Locally led adaption in practice: a community-based adaptation expert shares lessons
The principles for locally led adaptation have attracted international support – at the same time, community-based adaptation practitioners are pioneering innovative locally-led action around the world. Here, a practitioner talks about her experiences and the key questions for this year’s community-based adaptation conference in October.
The locally-led adaptation (LLA) principles have been developed to shape climate-change adaptation efforts. They are a guide to creating more effective, locally owned, socially just and transformative adaptation, aimed at donors, governments and others delivering adaptation.
Many of the conversations that informed the principles took place during community-based adaptation (CBA) conferences or involved members of the international CBA community of practice.
The official endorsers of LLA and the CBA community share much common ground. While the LLA community is required to make changes in how they shape programmes and deliver funds, the CBA community provides the forum for sharing lessons, practical experience, networks and skills to drive progress and nurture ideas and expertise.
CBA conferences focus on centring local and practitioner experience, perspectives and knowledge on key adaptation challenges. They have incubated many ideas, encouraging participants to try new methods and approaches.
With many years of experience carrying out adaptation at the local level, the CBA community is well placed to reflect on whether LLA is having an impact, and to share deep expertise to inform long-term learning about LLA’s progress.
Speaking from experience at the local level
As local practitioners, our experiences are already generating insights that can inform the work of LLA endorsers. In 2021, we received a ‘catalytic grant’ from the Climate Justice Resilience Fund, the Global Resilience Partnership and the International Centre for Climate Change And Development (ICCCAD) to develop new collaborations for delivering climate action at the local level.
The Rural Women Network in Kenya led a project to set up grassroots climate information learning centres to share nature-supportive agricultural and adaptive climate solutions, and to test new technologies to support local livelihoods and food security.
We recognise that women support their communities in many ways. As carriers of the family and community, women are agents of change, educating children, connecting families and local livelihoods and cottage industries. They are often the first responders to climate risks.
What we’ve learned
But we have learned that there are challenges in encouraging women’s leadership – women have less time available, and less time and money to engage in new activities outside their existing responsibilities – unless the potential value is clear.
While they understand first-hand how climate risks affect them, their knowledge of how to employ new technologies or apply local knowledge in new contexts can be limited. We’ve learned that it is essential to work with them to explore how to combine their understanding of local challenges and local resources with new technologies.
However, we were also surprised by the women’s resourcefulness once their training had been completed. For example, having established the value of the knowledge they had gained at the centres, women were able to engage their male counterparts in their learning and build recognition of their skills.

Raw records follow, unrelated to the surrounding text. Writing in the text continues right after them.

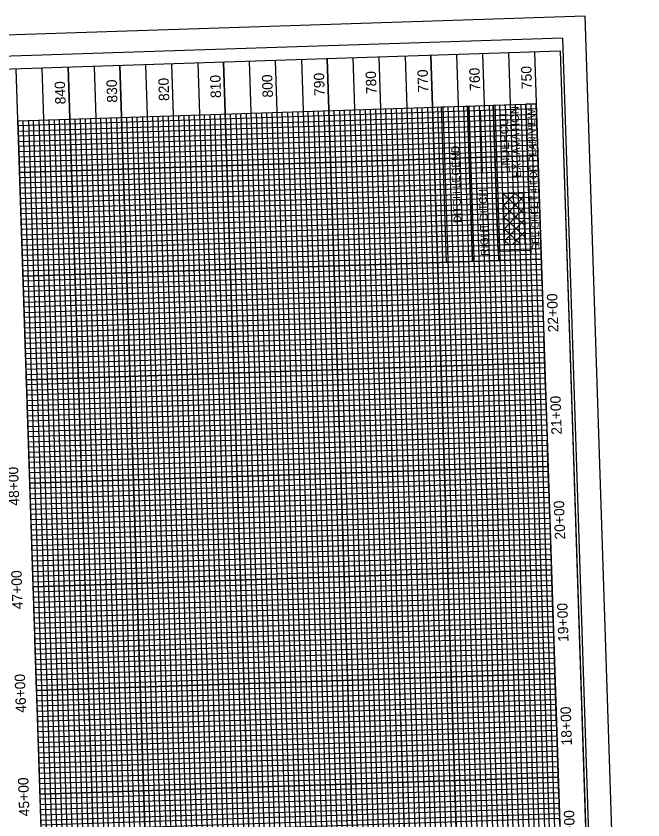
# Model space of a CAD drawing. Extents: x 1627318 to 1628473, y 762308 to 764226.
# Drawn here: x 1627868 to 1628473, y 763268 to 764043 of the extents above; entities that cross this region are included whole.
import ezdxf

# ---------------------------------------------------------------- set-up
doc = ezdxf.new("R2010")
doc.units = 0
for name, color, linetype in [('Exist Vertical Profile Horizontal Axis Label Major', 7, 'Continuous'), ('Exist Vertical Profile Vertical Axis Label', 7, 'Continuous'), ('Prop DSN Text', 7, 'Continuous'), ('Prop Grid Mask', 7, 'Continuous'), ('Prop PFL Ditch Label CELL', 7, 'Continuous'), ('Prop XS Undercut Exc Hatch', 7, 'Continuous'), ('Prop XSC Text', 7, 'Continuous'), ('Sheet DOT Grid CELL', 7, 'Continuous'), ('Sheet Layout Profile Border Port 2', 7, 'Continuous'), ('Sheet Plot Border Inside CELL', 7, 'Continuous'), ('Sheet Plot Border Outside CELL', 7, 'Continuous'), ('Sheet Profile CELL', 7, 'Continuous'), ('Sheet Profile Grid Major CELL', 7, 'Continuous'), ('Sheet Profile Grid Middle CELL', 7, 'Continuous'), ('Sheet Profile Grid Minor CELL', 7, 'Continuous')]:
    doc.layers.add(name, color=color, linetype=linetype)

msp = doc.modelspace()

# ---------------------------------------------------------------- linework, layer by layer
at = {"layer": 'Prop Grid Mask'}
for points in [[(1628283.19, 763805.99), (1628278.29, 763955.91), (1628303.27, 763956.73), (1628308.18, 763806.81)], [(1628308.18, 763806.81), (1628303.27, 763956.73), (1628328.26, 763957.54), (1628333.16, 763807.62)], [(1628332.88, 763816.37), (1628328.26, 763957.54), (1628359.71, 763958.57), (1628364.33, 763817.4)], [(1628359.71, 763958.57), (1628364.45, 763813.65), (1628374.45, 763813.98), (1628369.71, 763958.9)], [(1628358.93, 763823.74), (1628357.33, 763872.52), (1628337.61, 763871.87), (1628339.21, 763823.09)]]:
    msp.add_lwpolyline(points, close=True, dxfattribs=at)
at = {"layer": 'Prop PFL Ditch Label CELL'}
for p, q in [((1628318.02, 763892.73), (1628316.06, 763952.69)), ((1628318.02, 763892.73), (1628316.06, 763952.69)), ((1628323.17, 763807.3), (1628323.17, 763807.3))]:
    msp.add_line(p, q, dxfattribs=at)
at = {"layer": 'Prop XS Undercut Exc Hatch'}
for p, q in [((1628337.62, 763871.69), (1628337.79, 763871.88)), ((1628357.96, 763853.16), (1628337.97, 763871.89)), ((1628337.99, 763860.39), (1628349.1, 763872.25)), ((1628357.59, 763864.47), (1628349.28, 763872.26)), ((1628338.36, 763849.08), (1628357.43, 763869.44)), ((1628358.33, 763841.86), (1628337.97, 763860.93)), ((1628338.73, 763837.77), (1628357.8, 763858.14)), ((1628358.7, 763830.55), (1628338.34, 763849.62)), ((1628339.1, 763826.46), (1628358.17, 763846.83)), ((1628354.43, 763823.59), (1628338.71, 763838.32)), ((1628347.15, 763823.35), (1628358.54, 763835.52)), ((1628343.12, 763823.22), (1628339.08, 763827.01)), ((1628358.45, 763823.72), (1628358.91, 763824.21))]:
    msp.add_line(p, q, dxfattribs=at)
at = {"layer": 'Sheet DOT Grid CELL'}
for p, q in [((1628217.22, 762503.14), (1628168.18, 764002.22)), ((1628267.19, 762504.77), (1628218.15, 764003.86)), ((1628317.16, 762506.41), (1628268.13, 764005.49)), ((1628367.14, 762508.04), (1628318.1, 764007.13)), ((1628017.32, 762496.6), (1627968.29, 763995.68)), ((1628067.3, 762498.23), (1628018.26, 763997.32)), ((1628117.27, 762499.87), (1628068.23, 763998.95)), ((1628167.24, 762501.5), (1628118.21, 764000.59)), ((1627917.38, 762493.33), (1627868.34, 763992.41)), ((1627967.35, 762494.96), (1627918.31, 763994.05)), ((1627869.97, 763942.55), (1628369.71, 763958.9)), ((1627871.61, 763892.58), (1628371.34, 763908.93)), ((1627873.24, 763842.61), (1628372.97, 763858.95)), ((1627874.88, 763792.63), (1628374.61, 763808.98)), ((1627876.51, 763742.66), (1628376.24, 763759.01)), ((1627878.15, 763692.69), (1628377.88, 763709.03)), ((1627879.78, 763642.71), (1628379.51, 763659.06)), ((1627881.41, 763592.74), (1628381.15, 763609.09)), ((1627883.05, 763542.77), (1628382.78, 763559.11)), ((1627884.68, 763492.79), (1628384.42, 763509.14)), ((1627886.32, 763442.82), (1628386.05, 763459.17)), ((1627887.95, 763392.85), (1628387.69, 763409.19)), ((1627889.59, 763342.87), (1628389.32, 763359.22)), ((1627891.22, 763292.9), (1628390.96, 763309.25))]:
    msp.add_line(p, q, dxfattribs=at)
at = {"layer": 'Sheet Layout Profile Border Port 2'}
msp.add_lwpolyline([(1627915.74, 762543.3), (1627869.97, 763942.55), (1628369.71, 763958.9), (1628415.47, 762559.65)], close=True, dxfattribs=at)
at = {"layer": 'Sheet Plot Border Inside CELL'}
msp.add_lwpolyline([(1628449.68, 762356.66), (1628395.2, 764022.27), (1627340.66, 763987.77), (1627395.14, 762322.16)], close=True, dxfattribs=at)
at = {"layer": 'Sheet Plot Border Outside CELL'}
msp.add_lwpolyline([(1628472.54, 762344.4), (1628416.96, 764043.49), (1627317.55, 764007.53), (1627373.13, 762308.44)], close=True, dxfattribs=at)
at = {"layer": 'Sheet Profile CELL'}
for p, q in [((1628368.07, 764008.87), (1628417.11, 762509.68)), ((1628442.1, 762510.49), (1628393.06, 764009.69)), ((1627917.38, 762493.33), (1627868.34, 763992.53))]:
    msp.add_line(p, q, dxfattribs=at)
msp.add_lwpolyline([(1627343.62, 763975.36), (1627392.66, 762476.17), (1628442.1, 762510.49), (1628393.06, 764009.69)], close=True, dxfattribs=at)
at = {"layer": 'Sheet Profile Grid Major CELL'}
for p, q in [((1627871.61, 763892.58), (1627869.97, 763942.55)), ((1628371.34, 763908.93), (1628371.34, 763908.93)), ((1627874.88, 763792.63), (1627873.24, 763842.61)), ((1627878.15, 763692.69), (1627876.51, 763742.66)), ((1627881.41, 763592.74), (1627879.78, 763642.71)), ((1627884.68, 763492.79), (1627883.05, 763542.77)), ((1627887.95, 763392.85), (1627886.32, 763442.82)), ((1627891.22, 763292.9), (1627889.59, 763342.87))]:
    msp.add_line(p, q, dxfattribs=at)
for points in [[(1628168.18, 764002.33), (1628217.22, 762503.14), (1628267.19, 762504.77), (1628218.15, 764003.97)], [(1628268.12, 764005.6), (1628317.16, 762506.41), (1628317.16, 762506.41), (1628367.14, 762508.04), (1628318.1, 764007.24)], [(1628368.07, 764008.87), (1628417.11, 762509.68)], [(1627968.28, 763995.8), (1628017.32, 762496.6), (1628067.3, 762498.23), (1628018.26, 763997.43)], [(1628068.23, 763999.07), (1628117.27, 762499.87), (1628167.24, 762501.5), (1628118.2, 764000.7)], [(1627918.31, 763994.16), (1627967.35, 762494.96)], [(1628392.59, 763259.27), (1628390.96, 763309.25), (1627891.22, 763292.9), (1627889.59, 763342.87), (1628389.32, 763359.22), (1628387.69, 763409.19), (1627887.95, 763392.85), (1627886.32, 763442.82), (1628386.05, 763459.17), (1628384.42, 763509.14), (1627884.68, 763492.79), (1627883.05, 763542.77), (1628382.78, 763559.11), (1628381.15, 763609.09), (1627881.41, 763592.74), (1627879.78, 763642.71), (1628379.51, 763659.06), (1628377.88, 763709.03), (1627878.15, 763692.69), (1627876.51, 763742.66), (1628376.24, 763759.01), (1628374.61, 763808.98), (1627874.88, 763792.63), (1627873.24, 763842.61), (1628372.97, 763858.95), (1628371.34, 763908.93), (1628371.34, 763908.93), (1627871.61, 763892.58), (1627869.97, 763942.55), (1628369.71, 763958.9)]]:
    msp.add_lwpolyline(points, dxfattribs=at)
at = {"layer": 'Sheet Profile Grid Middle CELL'}
for points in [[(1628143.19, 764001.52), (1628192.23, 762502.32), (1628242.2, 762503.95), (1628193.16, 764003.15)], [(1628243.14, 764004.79), (1628292.18, 762505.59), (1628342.15, 762507.22), (1628293.11, 764006.42)], [(1628343.08, 764008.06), (1628392.12, 762508.86)], [(1627943.3, 763994.98), (1627992.34, 762495.78), (1628042.31, 762497.42), (1627993.27, 763996.61)], [(1628043.24, 763998.25), (1628092.28, 762499.05), (1628142.26, 762500.68), (1628093.22, 763999.88)], [(1627942.36, 762494.15), (1627893.32, 763993.34)], [(1627892.04, 763267.91), (1628391.77, 763284.26), (1628390.14, 763334.23), (1627890.41, 763317.89), (1627888.77, 763367.86), (1628388.5, 763384.21), (1628386.87, 763434.18), (1627887.14, 763417.83), (1627885.5, 763467.81), (1628385.23, 763484.15), (1628383.6, 763534.13), (1627883.87, 763517.78), (1627882.23, 763567.75), (1628381.96, 763584.1), (1628380.33, 763634.07), (1627880.6, 763617.73), (1627878.96, 763667.7), (1628378.7, 763684.05), (1628377.06, 763734.02), (1627877.33, 763717.67), (1627875.69, 763767.65), (1628375.43, 763783.99), (1628373.79, 763833.97), (1627874.06, 763817.62), (1627872.42, 763867.59), (1628372.16, 763883.94), (1628370.52, 763933.91), (1627870.79, 763917.57)]]:
    msp.add_lwpolyline(points, dxfattribs=at)
at = {"layer": 'Sheet Profile Grid Minor CELL'}
for p, q in [((1628264.76, 763955.47), (1628310.53, 762556.22)), ((1628320.53, 762556.54), (1628274.76, 763955.79)), ((1628279.75, 763955.96), (1628325.52, 762556.71)), ((1628330.52, 762556.87), (1628284.75, 763956.12)), ((1628289.75, 763956.28), (1628335.52, 762557.03)), ((1628345.51, 762557.36), (1628299.74, 763956.61)), ((1628304.74, 763956.78), (1628350.51, 762557.52)), ((1628355.51, 762557.69), (1628309.74, 763956.94)), ((1628314.73, 763957.1), (1628360.5, 762557.85)), ((1628370.5, 762558.18), (1628324.73, 763957.43)), ((1628329.73, 763957.59), (1628375.5, 762558.34)), ((1628380.49, 762558.5), (1628334.72, 763957.76)), ((1628339.72, 763957.92), (1628385.49, 762558.67)), ((1628395.49, 762558.99), (1628349.72, 763958.25)), ((1628354.71, 763958.41), (1628400.48, 762559.16)), ((1628405.48, 762559.32), (1628359.71, 763958.57)), ((1628364.71, 763958.74), (1628364.71, 763958.74)), ((1628410.48, 762559.49), (1628364.71, 763958.74)), ((1628029.89, 763947.78), (1628075.66, 762548.53)), ((1628080.65, 762548.7), (1628034.88, 763947.95)), ((1628039.88, 763948.11), (1628085.65, 762548.86)), ((1628095.65, 762549.19), (1628049.88, 763948.44)), ((1628054.87, 763948.6), (1628100.64, 762549.35)), ((1628105.64, 762549.51), (1628059.87, 763948.77)), ((1628064.87, 763948.93), (1628110.49, 762549.67)), ((1628120.63, 762550), (1628074.86, 763949.26)), ((1628079.86, 763949.42), (1628125.63, 762550.17)), ((1628130.63, 762550.33), (1628084.86, 763949.58)), ((1628089.85, 763949.75), (1628135.62, 762550.49)), ((1628145.62, 762550.82), (1628099.85, 763950.07)), ((1628104.85, 763950.24), (1628150.62, 762550.99)), ((1628155.61, 762551.15), (1628109.84, 763950.4)), ((1628114.84, 763950.56), (1628160.61, 762551.31)), ((1628170.61, 762551.64), (1628124.84, 763950.89)), ((1628129.83, 763951.05), (1628175.6, 762551.8)), ((1628180.6, 762551.97), (1628134.83, 763951.22)), ((1628139.83, 763951.38), (1628185.6, 762552.13)), ((1628195.59, 762552.46), (1628149.82, 763951.71)), ((1628154.82, 763951.87), (1628200.59, 762552.62)), ((1628205.59, 762552.78), (1628159.82, 763952.03)), ((1628164.81, 763952.2), (1628210.58, 762552.95)), ((1628220.58, 762553.27), (1628174.81, 763952.53)), ((1628179.81, 763952.69), (1628225.58, 762553.44)), ((1628230.57, 762553.6), (1628184.8, 763952.85)), ((1628189.8, 763953.02), (1628235.57, 762553.76)), ((1628245.57, 762554.09), (1628199.8, 763953.34)), ((1628204.79, 763953.51), (1628250.56, 762554.25)), ((1628255.56, 762554.42), (1628209.79, 763953.67)), ((1628214.79, 763953.83), (1628260.56, 762554.58)), ((1628270.55, 762554.91), (1628224.78, 763954.16)), ((1628229.78, 763954.32), (1628275.55, 762555.07)), ((1628280.55, 762555.24), (1628234.78, 763954.49)), ((1628239.77, 763954.65), (1628285.54, 762555.4)), ((1628295.54, 762555.73), (1628249.77, 763954.98)), ((1628254.77, 763955.14), (1628300.54, 762555.89)), ((1628305.53, 762556.05), (1628259.76, 763955.3)), ((1627920.74, 762543.47), (1627874.97, 763942.72)), ((1627879.97, 763942.88), (1627925.74, 762543.63)), ((1627930.73, 762543.79), (1627884.96, 763943.04)), ((1627889.96, 763943.21), (1627935.73, 762543.96)), ((1627945.73, 762544.28), (1627899.96, 763943.53)), ((1627904.95, 763943.7), (1627950.72, 762544.45)), ((1627955.72, 762544.61), (1627909.95, 763943.86)), ((1627914.95, 763944.03), (1627960.72, 762544.77)), ((1627970.71, 762545.1), (1627924.94, 763944.35)), ((1627929.94, 763944.52), (1627975.71, 762545.26)), ((1627980.71, 762545.43), (1627934.94, 763944.68)), ((1627939.94, 763944.84), (1627985.7, 762545.59)), ((1627995.7, 762545.92), (1627949.93, 763945.17)), ((1627954.93, 763945.33), (1628000.7, 762546.08)), ((1628005.69, 762546.24), (1627959.92, 763945.5)), ((1627964.92, 763945.66), (1628010.69, 762546.41)), ((1628020.69, 762546.74), (1627974.92, 763945.99)), ((1627979.91, 763946.15), (1628025.68, 762546.9)), ((1628030.68, 762547.06), (1627984.91, 763946.31)), ((1627989.91, 763946.48), (1628035.68, 762547.23)), ((1628045.67, 762547.55), (1627999.9, 763946.8)), ((1628004.9, 763946.97), (1628050.67, 762547.72)), ((1628055.67, 762547.88), (1628009.9, 763947.13)), ((1628014.89, 763947.29), (1628060.66, 762548.04)), ((1628070.66, 762548.37), (1628024.89, 763947.62))]:
    msp.add_line(p, q, dxfattribs=at)
for points in [[(1628378.21, 763699.04), (1628378.04, 763704.04), (1627878.31, 763687.69), (1627877.98, 763697.68), (1628377.71, 763714.03), (1628377.55, 763719.03), (1627877.82, 763702.68), (1627877.66, 763707.68), (1628377.39, 763724.03), (1628377.22, 763729.02), (1627877.49, 763712.68), (1627877.16, 763722.67), (1628376.9, 763739.02), (1628376.73, 763744.02), (1627877, 763727.67), (1627876.84, 763732.67), (1628376.57, 763749.01), (1628376.41, 763754.01), (1627876.67, 763737.66), (1627876.35, 763747.66), (1628376.08, 763764), (1628375.92, 763769), (1627876.18, 763752.66), (1627876.02, 763757.65), (1628375.75, 763774), (1628375.59, 763779), (1627875.86, 763762.65), (1627875.53, 763772.64), (1628375.26, 763788.99), (1628375.1, 763793.99), (1627875.37, 763777.64), (1627875.2, 763782.64), (1628374.94, 763798.99), (1628374.77, 763803.98), (1627875.04, 763787.64), (1627874.71, 763797.63), (1628374.45, 763813.98), (1628374.28, 763818.98), (1627874.55, 763802.63), (1627874.39, 763807.63), (1628374.12, 763823.97), (1628373.96, 763828.97), (1627874.22, 763812.62), (1627873.9, 763822.62), (1628373.63, 763838.96), (1628373.46, 763843.96), (1627873.73, 763827.62), (1627873.57, 763832.61), (1628373.3, 763848.96), (1628373.14, 763853.96), (1627873.41, 763837.61), (1627873.08, 763847.6), (1628372.81, 763863.95), (1628372.65, 763868.95), (1627872.91, 763852.6), (1627872.75, 763857.6), (1628372.48, 763873.95), (1628372.32, 763878.94), (1627872.59, 763862.6), (1627872.26, 763872.59), (1628371.99, 763888.94), (1628371.83, 763893.93), (1627872.1, 763877.59), (1627871.93, 763882.59), (1628371.67, 763898.93), (1628371.5, 763903.93), (1627871.77, 763887.58), (1627871.44, 763897.58), (1628371.18, 763913.92), (1628371.01, 763918.92), (1627871.28, 763902.58), (1627871.12, 763907.57), (1628370.85, 763923.92), (1628370.69, 763928.92), (1627870.95, 763912.57), (1627870.63, 763922.56), (1628370.36, 763938.91), (1628370.2, 763943.91), (1627870.46, 763927.56), (1627870.3, 763932.56), (1628370.03, 763948.91), (1628369.87, 763953.9), (1627870.14, 763937.56), (1627869.97, 763942.55)], [(1628388.18, 763394.2), (1627888.44, 763377.86), (1627888.28, 763382.85), (1628388.01, 763399.2), (1628387.85, 763404.2), (1627888.12, 763387.85), (1627887.79, 763397.85), (1628387.52, 763414.19), (1628387.36, 763419.19), (1627887.63, 763402.84), (1627887.46, 763407.84), (1628387.2, 763424.19), (1628387.03, 763429.18), (1627887.3, 763412.84), (1627886.97, 763422.83), (1628386.71, 763439.18), (1628386.54, 763444.18), (1627886.81, 763427.83), (1627886.65, 763432.83), (1628386.38, 763449.17), (1628386.21, 763454.17), (1627886.48, 763437.82), (1627886.16, 763447.82), (1628385.89, 763464.16), (1628385.72, 763469.16), (1627885.99, 763452.82), (1627885.83, 763457.81), (1628385.56, 763474.16), (1628385.4, 763479.16), (1627885.66, 763462.81), (1627885.34, 763472.81), (1628385.07, 763489.15), (1628384.91, 763494.15), (1627885.17, 763477.8), (1627885.01, 763482.8), (1628384.74, 763499.15), (1628384.58, 763504.14), (1627884.85, 763487.8), (1627884.52, 763497.79), (1628384.25, 763514.14), (1628384.09, 763519.14), (1627884.36, 763502.79), (1627884.19, 763507.79), (1628383.93, 763524.13), (1628383.76, 763529.13), (1627884.03, 763512.78), (1627883.7, 763522.78), (1628383.44, 763539.12), (1628383.27, 763544.12), (1627883.54, 763527.78), (1627883.38, 763532.77), (1628383.11, 763549.12), (1628382.95, 763554.12), (1627883.21, 763537.77), (1627882.89, 763547.77), (1628382.62, 763564.11), (1628382.46, 763569.11), (1627882.72, 763552.76), (1627882.56, 763557.76), (1628382.29, 763574.11), (1628382.13, 763579.1), (1627882.4, 763562.76), (1627882.07, 763572.75), (1628381.8, 763589.1), (1628381.64, 763594.1), (1627881.91, 763577.75), (1627881.74, 763582.75), (1628381.47, 763599.09), (1628381.31, 763604.09), (1627881.58, 763587.74), (1627881.25, 763597.74), (1628380.98, 763614.08), (1628380.82, 763619.08), (1627881.09, 763602.74), (1627880.92, 763607.73), (1628380.66, 763624.08), (1628380.49, 763629.08), (1627880.76, 763612.73), (1627880.43, 763622.73), (1628380.17, 763639.07), (1628380, 763644.07), (1627880.27, 763627.72), (1627880.11, 763632.72), (1628379.84, 763649.07), (1628379.68, 763654.06), (1627879.94, 763637.72), (1627879.62, 763647.71), (1628379.35, 763664.06), (1628379.19, 763669.06), (1627879.45, 763652.71), (1627879.29, 763657.71), (1628379.02, 763674.05), (1628378.86, 763679.05), (1627879.13, 763662.7), (1627878.8, 763672.7), (1628378.53, 763689.04), (1628378.37, 763694.04), (1627878.64, 763677.7), (1627878.47, 763682.69), (1628378.21, 763699.04)], [(1627892.37, 763257.92), (1628392.1, 763274.27), (1628391.94, 763279.26), (1627892.2, 763262.92), (1627891.88, 763272.91), (1628391.61, 763289.26), (1628391.45, 763294.26), (1627891.71, 763277.91), (1627891.55, 763282.91), (1628391.28, 763299.25), (1628391.12, 763304.25), (1627891.39, 763287.9), (1627891.06, 763297.9), (1628390.79, 763314.24), (1628390.63, 763319.24), (1627890.9, 763302.9), (1627890.73, 763307.89), (1628390.46, 763324.24), (1628390.3, 763329.24), (1627890.57, 763312.89), (1627890.24, 763322.89), (1628389.97, 763339.23), (1628389.81, 763344.23), (1627890.08, 763327.88), (1627889.91, 763332.88), (1628389.65, 763349.23), (1628389.48, 763354.22), (1627889.75, 763337.88), (1627889.42, 763347.87), (1628389.16, 763364.22), (1628388.45, 763368.9), (1628388.99, 763369.22), (1627889.26, 763352.87), (1627889.1, 763357.87), (1628388.83, 763374.21), (1628388.67, 763379.21), (1627888.93, 763362.86), (1627888.61, 763372.86), (1628388.34, 763389.2), (1628388.18, 763394.2)], [(1628392.43, 763264.27), (1628392.26, 763269.27), (1627892.53, 763252.92)]]:
    msp.add_lwpolyline(points, dxfattribs=at)

# ---------------------------------------------------------------- texts
at = {"layer": 'Exist Vertical Profile Horizontal Axis Label Major'}
for s, p in [('22+00', (1628391.11, 763738.58)), ('21+00', (1628394.34, 763639.83)), ('48+00', (1627871.3, 763571.32)), ('20+00', (1628397.65, 763538.69)), ('47+00', (1627874.57, 763471.41)), ('19+00', (1628400.88, 763439.94)), ('46+00', (1627877.84, 763371.49)), ('18+00', (1628404.15, 763339.99)), ('45+00', (1627881.11, 763271.66)), ('17+00', (1628407.42, 763240.05))]:
    msp.add_text(s, height=10, rotation=91.87347, dxfattribs=at).set_placement(p)
at = {"layer": 'Exist Vertical Profile Vertical Axis Label'}
for s, p in [('750', (1628365.68, 763973.19)), ('800', (1628115.81, 763965.02)), ('790', (1628165.79, 763966.65)), ('780', (1628215.76, 763968.29)), ('770', (1628265.73, 763969.92)), ('760', (1628315.71, 763971.56)), ('840', (1627915.92, 763958.48)), ('830', (1627965.89, 763960.12)), ('820', (1628015.87, 763961.75)), ('810', (1628065.8, 763964.58))]:
    msp.add_text(s, height=10, rotation=91.87347, dxfattribs=at).set_placement(p)
at = {"layer": 'Prop DSN Text'}
msp.add_text('SEE SHEET 4 FOR PLAN VIEW', height=7, rotation=91.87347, dxfattribs=at).set_placement((1628372.74, 763817.7))
at = {"layer": 'Prop PFL Ditch Label CELL'}
for s, height, p in [('DITCH LEGEND', 7.5, (1628297.6, 763843.98)), ('RIGHT DITCH', 7.485, (1628323.9, 763812.32))]:
    msp.add_text(s, height=height, rotation=91.87347, dxfattribs=at).set_placement(p)
at = {"layer": 'Prop XSC Text'}
for s, p in [('EXCAVATION', (1628354.91, 763887.78)), ('UNDERCUT', (1628344.29, 763891.63))]:
    msp.add_text(s, height=8, rotation=91.87347, dxfattribs=at).set_placement(p)

doc.saveas('drawing.dxf')

Our own experience is that following the LLA principles – prioritising bottom-up decision-making and ownership of processes – leads to more impactful, sustainable projects. Greater impact can be created using fewer resources – achieving more by spending less.
Community ownership of initiatives results in better, more careful and more sustainable management of new technologies or local infrastructure that are specific to context.
We have found that building women’s confidence through training encourages them to see themselves as climate leaders, willing to continually engage and improve climate responses over time – a commitment that is essential in managing unpredictable and variable future climate risks.
But it is also important to start small, piloting activities via existing social groups rather than creating new parallel structures. Beyond providing information, creating forums for participatory and practical engagement with new knowledge – such as climate information or technologies such as climate-smart and conservation agriculture that regenerates landscapes, is critical.
Let local innovations inspire global action
Examples like ours, when shared throughout the CBA community, put CBA’s motto “local solutions inspiring global action” into practice. Communities, supported by local actors like the Rural Women Network, are developing innovations that can inspire and inform adaptation efforts elsewhere.
At the same time, international actors can facilitate local action by advocating for and delivering finance that comes in meaningful amounts to facilitate the scaling up of activities.
The CBA conferences are one space where this learning and advocacy and come together, and we need you – adaptation practitioners, to help answer the next big questions. The LLA principles are widely recognised – but how do you see them working in practice to deliver effective adaptation?
At CBA16 in October, we will be exploring how practitioners are bringing LLA to life, what is being learnt about the challenges, the trade-offs between the principles, and the unanticipated successes and failures.